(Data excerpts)
+--

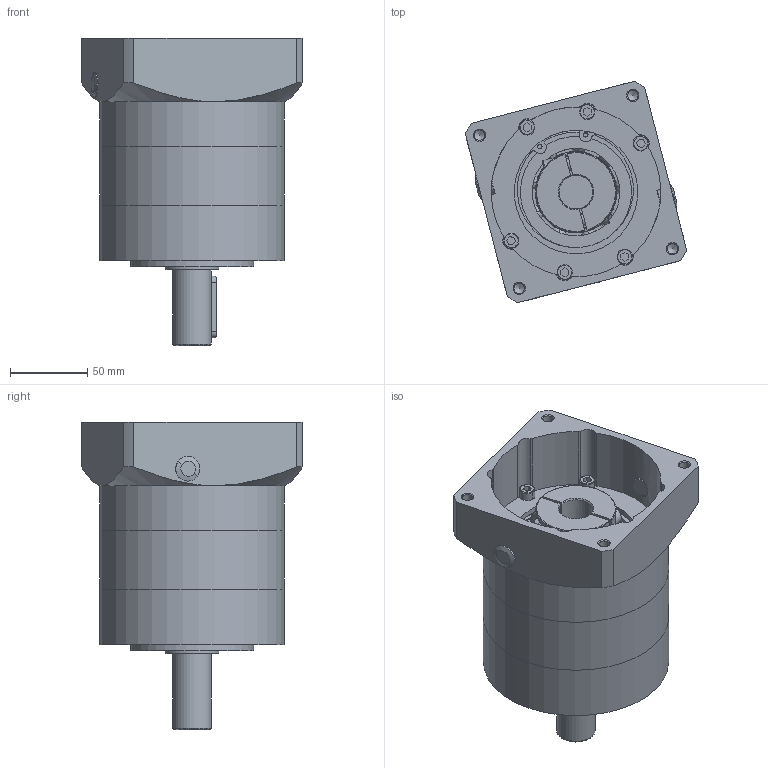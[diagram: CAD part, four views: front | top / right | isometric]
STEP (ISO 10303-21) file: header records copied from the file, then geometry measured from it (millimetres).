
FILE_DESCRIPTION(/* description */ (''),/* implementation_level */ '2;1');
FILE_NAME(/* name */ 'PE-120-L1(22-110-145-M8)(输出轴径25）.stp',/* time_stamp */ '2022-03-01T16:04:44+08:00',/* author */ (''),/* organization */ (''),/* preprocessor_version */ 'ST-DEVELOPER v16',/* originating_system */ 'SIEMENS PLM Software NX 10.0',/* authorisation */ '');
FILE_SCHEMA (('AP203_CONFIGURATION_CONTROLLED_3D_DESIGN_OF_MECHANICAL_PARTS_AND_ASSEMBLIES_MIM_LF { 1 0 10303 403 2 1 2}'));
Length unit declared in the file: millimetre
Products named in the file (1): 4C80C281224q
Bounding box: 143.43 x 143.43 x 199 mm (x, y, z)
Volume: 1056237.1 mm3; surface area: 294198.8 mm2
Topology: 28 solids, 28 shells, 1023 faces, 2772 edges, 1840 vertices
Faces by surface type: plane 335, cylinder 300, sphere 148, torus 114, cone 100, bspline 26
Full cylindrical faces by diameter (mm): 5 x16, 6.5 x14, 6.8 x8, 8.5 x5, 11 x8, 13 x2, 20 x1, 22 x1, 25 x2, 30 x1, 33 x1, 35 x2, 40 x1, 44 x1, 48.5 x1, 60 x1, 70 x1, 72 x2, 75 x1, 80 x4, 84 x1, 85 x1, 89 x1, 95 x4, 120 x3
Entity records: 34275 total; most frequent: CARTESIAN_POINT 9270, DIRECTION 5228, ORIENTED_EDGE 5064, EDGE_CURVE 2532, AXIS2_PLACEMENT_3D 2268, VERTEX_POINT 1770, EDGE_LOOP 1338, CIRCLE 1270

+--

* _Exercise goal_:
Every line above in which the word "surface" is present must be copied into the answer.

* _Solution for this problem_:
Volume: 1056237.1 mm3; surface area: 294198.8 mm2
Faces by surface type: plane 335, cylinder 300, sphere 148, torus 114, cone 100, bspline 26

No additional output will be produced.